This enzyme belongs to the family of lyases, specifically carbon-sulfur lyases. The systematic name of this enzyme class is S-adenosyl-L-methionine methylthioadenosine-lyase(1-aminocyclopropane-1-carboxylate-forming). Other names in common use include 1-aminocyclopropanecarboxylate synthase, 1-aminocyclopropane-1-carboxylic acid synthase, 1-aminocyclopropane-1-carboxylate synthetase, aminocyclopropanecarboxylic acid synthase, aminocyclopropanecarboxylate synthase, ACC synthase, and S-adenosyl-L-methionine methylthioadenosine-lyase. This enzyme participates in propanoate metabolism. It employs one cofactor, pyridoxal phosphate.
The reaction catalyzed by 1-aminocyclopropane-1-carboxylic acid synthase (ACS) is the committed and rate-limiting step in the biosynthesis of ethylene [20], a gaseous plant hormone that is responsible for the initiation of fruit ripening, shoot and root growth and differentiation, leaf and fruit abscission, flower opening, and flower and leaf senescence. (source) It is a pyridoxal phosphate (PLP) dependent gamma-elimination (?). In the gamma elimination, PLP acts as a sink twice (absorbing electrons from two deprotonations). [4] [5]

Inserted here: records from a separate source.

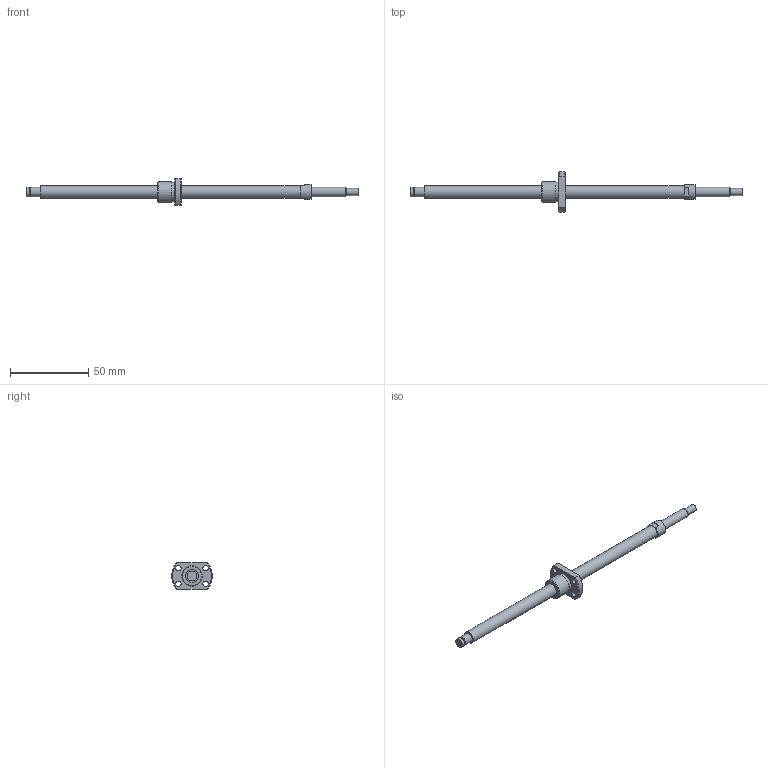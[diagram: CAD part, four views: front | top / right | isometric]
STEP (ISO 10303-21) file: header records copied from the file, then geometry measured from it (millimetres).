
FILE_DESCRIPTION(/* description */ ('STEP AP214'),/* implementation_level */ '2;1');
FILE_NAME(/* name */ 'SRT0801K-162R212C7B0X(B75Processing0X)',/* time_stamp */ '2026-08-04T19:56:25+02:00',/* author */ ('License CC BY-ND 4.0'),/* organization */ ('CADENAS'),/* preprocessor_version */ 'ST-DEVELOPER v20',/* originating_system */ 'PARTsolutions',/* authorisation */ ' ');
FILE_SCHEMA (('AUTOMOTIVE_DESIGN {1 0 10303 214 3 1 1}'));
Length unit declared in the file: millimetre
Products named in the file (3): SRT0801K-162R212C7B0X(B75Processing0X); 6BProcessing212; SR0801K_nut
Assembly tree (2 placements, depth 2):
  SRT0801K-162R212C7B0X(B75Processing0X)
    6BProcessing212
    SR0801K_nut
Bounding box: 212 x 25.92 x 17 mm (x, y, z)
Volume: 11991.9 mm3; surface area: 7142.4 mm2
Topology: 2 solids, 2 shells, 41 faces, 85 edges, 55 vertices
Faces by surface type: plane 19, cylinder 16, cone 6
Full cylindrical faces by diameter (mm): 3.4 x4, 4.5 x1, 5.7 x1, 6 x3, 8 x2, 9.5 x1, 12.6 x1, 13 x1
Entity records: 1115 total; most frequent: DIRECTION 190, CARTESIAN_POINT 190, ORIENTED_EDGE 136, AXIS2_PLACEMENT_3D 86, EDGE_LOOP 74, FACE_BOUND 74, EDGE_CURVE 68, VERTEX_POINT 54
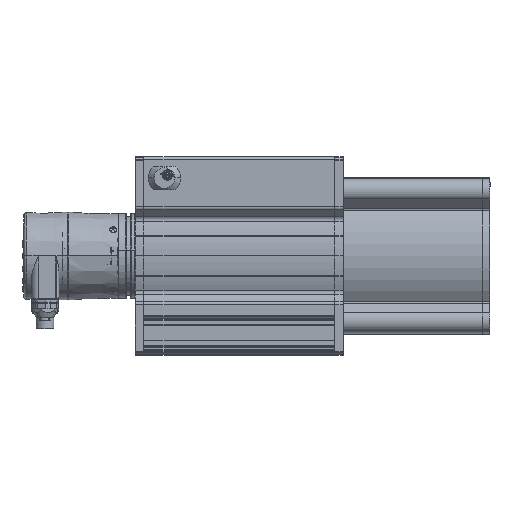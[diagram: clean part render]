
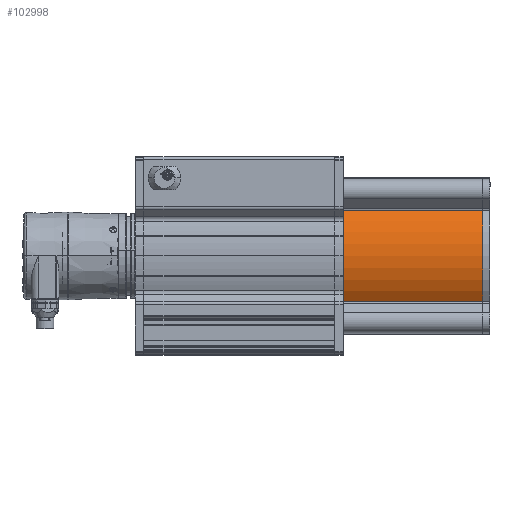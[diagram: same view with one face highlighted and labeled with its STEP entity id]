
A CAD part, top view. The second image highlights one B-rep face of the part: STEP entity #102998.
In plain terms, the highlighted cylindrical face has radius 53.25 mm (diameter 106.5 mm), a partial arc.
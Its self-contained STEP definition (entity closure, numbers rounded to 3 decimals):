
#73905 = CARTESIAN_POINT ( 'NONE',  ( -22.706, 91.749, 17.983 ) ) ;
#73911 = CARTESIAN_POINT ( 'NONE',  ( 72.294, 91.749, 17.983 ) ) ;
#74031 = VECTOR ( 'NONE', #74089, 1000. ) ;
#74032 = CARTESIAN_POINT ( 'NONE',  ( -98.586, 91.749, 17.983 ) ) ;
#74033 = LINE ( 'NONE', #74032, #74031 ) ;
#74063 = CARTESIAN_POINT ( 'NONE',  ( 72.294, 29.979, 17.983 ) ) ;
#74089 = DIRECTION ( 'NONE',  ( -1., 0., 0. ) ) ;
#74116 = CARTESIAN_POINT ( 'NONE',  ( -22.706, 29.979, 17.983 ) ) ;
#74117 = DIRECTION ( 'NONE',  ( 1., 0., 0. ) ) ;
#74118 = VECTOR ( 'NONE', #74117, 1000. ) ;
#74119 = CARTESIAN_POINT ( 'NONE',  ( -98.586, 29.979, 17.983 ) ) ;
#74120 = LINE ( 'NONE', #74119, #74118 ) ;
#74441 = CIRCLE ( 'NONE', #74492, 53.25 ) ;
#74483 = DIRECTION ( 'NONE',  ( 0., -1., 0. ) ) ;
#74484 = DIRECTION ( 'NONE',  ( 1., 0., 0. ) ) ;
#74485 = CARTESIAN_POINT ( 'NONE',  ( 72.294, 60.864, -25.395 ) ) ;
#74486 = AXIS2_PLACEMENT_3D ( 'NONE', #74485, #74484, #74483 ) ;
#74487 = CIRCLE ( 'NONE', #74486, 53.25 ) ;
#74489 = DIRECTION ( 'NONE',  ( 0., 1., 0. ) ) ;
#74490 = DIRECTION ( 'NONE',  ( 1., 0., 0. ) ) ;
#74491 = CARTESIAN_POINT ( 'NONE',  ( -22.706, 60.864, -25.395 ) ) ;
#74492 = AXIS2_PLACEMENT_3D ( 'NONE', #74491, #74490, #74489 ) ;
#74536 = FACE_OUTER_BOUND ( 'NONE', #102999, .T. ) ;
#74578 = DIRECTION ( 'NONE',  ( 0., -1., 0. ) ) ;
#74579 = DIRECTION ( 'NONE',  ( -1., 0., 0. ) ) ;
#74580 = CARTESIAN_POINT ( 'NONE',  ( -98.586, 60.864, -25.395 ) ) ;
#74581 = AXIS2_PLACEMENT_3D ( 'NONE', #74580, #74579, #74578 ) ;
#74585 = CYLINDRICAL_SURFACE ( 'NONE', #74581, 53.25 ) ;
#102808 = VERTEX_POINT ( 'NONE', #73911 ) ;
#102813 = VERTEX_POINT ( 'NONE', #73905 ) ;
#102870 = EDGE_CURVE ( 'NONE', #102808, #102813, #74033, .T. ) ;
#102875 = VERTEX_POINT ( 'NONE', #74063 ) ;
#102878 = EDGE_CURVE ( 'NONE', #102879, #102875, #74120, .T. ) ;
#102879 = VERTEX_POINT ( 'NONE', #74116 ) ;
#102975 = ORIENTED_EDGE ( 'NONE', *, *, #102976, .T. ) ;
#102976 = EDGE_CURVE ( 'NONE', #102813, #102879, #74441, .T. ) ;
#102977 = ORIENTED_EDGE ( 'NONE', *, *, #102878, .T. ) ;
#102978 = ORIENTED_EDGE ( 'NONE', *, *, #102979, .F. ) ;
#102979 = EDGE_CURVE ( 'NONE', #102808, #102875, #74487, .T. ) ;
#102998 = ADVANCED_FACE ( 'NONE', ( #74536 ), #74585, .T. ) ;
#102999 = EDGE_LOOP ( 'NONE', ( #103000, #102975, #102977, #102978 ) ) ;
#103000 = ORIENTED_EDGE ( 'NONE', *, *, #102870, .T. ) ;
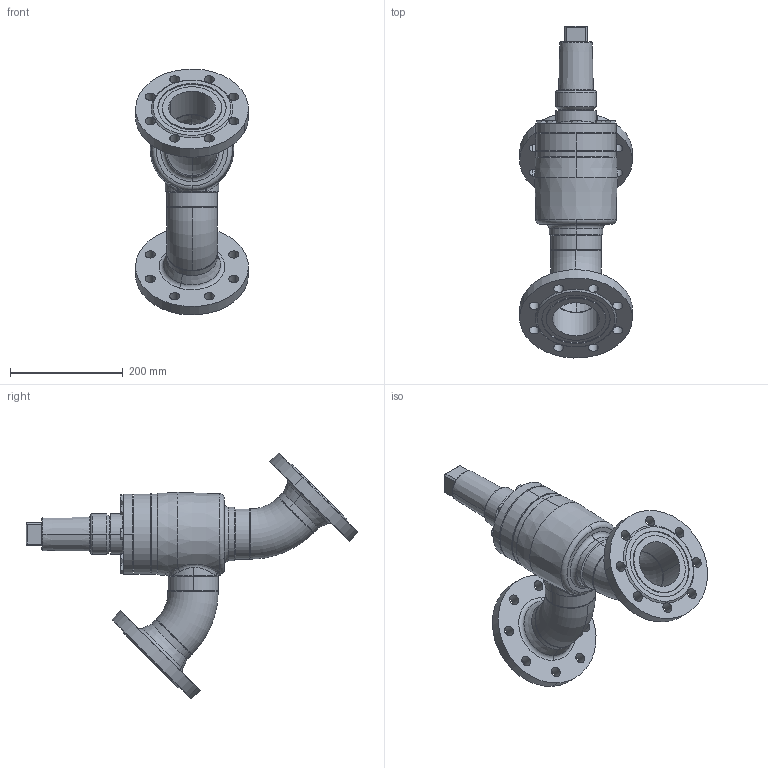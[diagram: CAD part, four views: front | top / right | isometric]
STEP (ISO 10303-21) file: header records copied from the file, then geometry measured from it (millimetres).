
FILE_DESCRIPTION (( 'STEP AP214' ), '1' );
FILE_NAME ('RVA29320D18-DN080_DIN-FL-N_PS40.STEP', '2007-01-08T09:19:14', ( 'Herr Grams' ), ( 'AWP GmbH' ), 'SwSTEP 2.0', 'SolidWorks 2002296', '' );
FILE_SCHEMA (( 'AUTOMOTIVE_DESIGN' ));
Length unit declared in the file: millimetre
Products named in the file (17): RVA29320D18-DN080_DIN-FL-N_PS40; Gehäuse-kpl16320-DN080_DIN_PS40_Standard; Gehäuse-kpl16300-DN080_R1_Standard; Rohrbogen 45°_Rohrbogen-DN080-45°; Gehäuse-kpl16400-DN080_R1_Standard; Kopfstück16300-DN080_Standard; Gehäuse16400-DN080_Standard; bead-DN080-1_Standard; bead-DN080-2_Standard; bead-DN080-3_Standard; Flansch-DIN-Nut_PS40_DIN-Flansch-DN080_PS40-Nut; bead-DN080-7_Standard; bead-DN080-6_Standard; RVA29300E18_Deck-Schr-DN80_Standard; Deckel29300E18-DN80_Standard; Sechskantschraube-DIN933_M10x 30; Kappe16402_DN080-100_Standard
Assembly tree (25 placements, depth 5):
  RVA29320D18-DN080_DIN-FL-N_PS40
    RVA29300E18_Deck-Schr-DN80_Standard
      Sechskantschraube-DIN933_M10x 30  x8
      Deckel29300E18-DN80_Standard
    Gehäuse-kpl16320-DN080_DIN_PS40_Standard
      Flansch-DIN-Nut_PS40_DIN-Flansch-DN080_PS40-Nut  x2
      bead-DN080-6_Standard
      bead-DN080-7_Standard
      Gehäuse-kpl16300-DN080_R1_Standard
        Rohrbogen 45°_Rohrbogen-DN080-45°  x2
        Gehäuse-kpl16400-DN080_R1_Standard
          Kopfstück16300-DN080_Standard
          Gehäuse16400-DN080_Standard
          bead-DN080-1_Standard
        bead-DN080-2_Standard
        bead-DN080-3_Standard
    Kappe16402_DN080-100_Standard
Bounding box: 199.81 x 587.85 x 435.48 mm (x, y, z)
Volume: 3472319.8 mm3; surface area: 648102.1 mm2
Topology: 21 solids, 21 shells, 464 faces, 1056 edges, 649 vertices
Faces by surface type: cylinder 144, cone 139, plane 127, bspline 28, torus 26
Entity records: 20718 total; most frequent: CARTESIAN_POINT 14209, DIRECTION 1227, ORIENTED_EDGE 1132, EDGE_CURVE 566, AXIS2_PLACEMENT_3D 542, VERTEX_POINT 357, EDGE_LOOP 309, CIRCLE 293

Proposed steps of the reaction mechanism:
The aldehyde of coenzyme PLP reacts to form an imine (Schiff base) linkage with the catalytic domain lysine (278) residue of ACS.
An imine exchange occurs, and the amine nitrogen of the substrate, S-Adenosyl methionine, replaces Lys (278) in the imine linkage. (Stabilized by H bonding).
PLP acts as an 'electron sink' absorbing delocalized electron density during the reaction intermediates (countering the excess electron density on the deprotonated a-carbon). PLP facilitates the enzyme activity, increasing the acidity of the alpha carbon by stabilizing the conjugate base. The PLP-stabilized carbanion intermediate formed is the quinonoid intermediate.
PLP and Tyrosine stabilize negative charges during deprotonation. Tyrosine attacks the sulfur bound carbon, allowing S(CH3)(Ado) to leave, and during ring formation, Tyrosine leaves.
ACC synthase reaches optimal activity in conditions of pH 8.5 and with Km = 20 um relative to its substrate, SAM.
ACC Synthase and ethylene biosynthesis are regulated by a whole host of stimuli. Stresses such as wounding, noxious chemicals, auxin, flooding, and indole-3-acetic acid (IAA) promote ethylene synthesis, creating a positive feedback cycle with ACC synthase, up-regulating its activity.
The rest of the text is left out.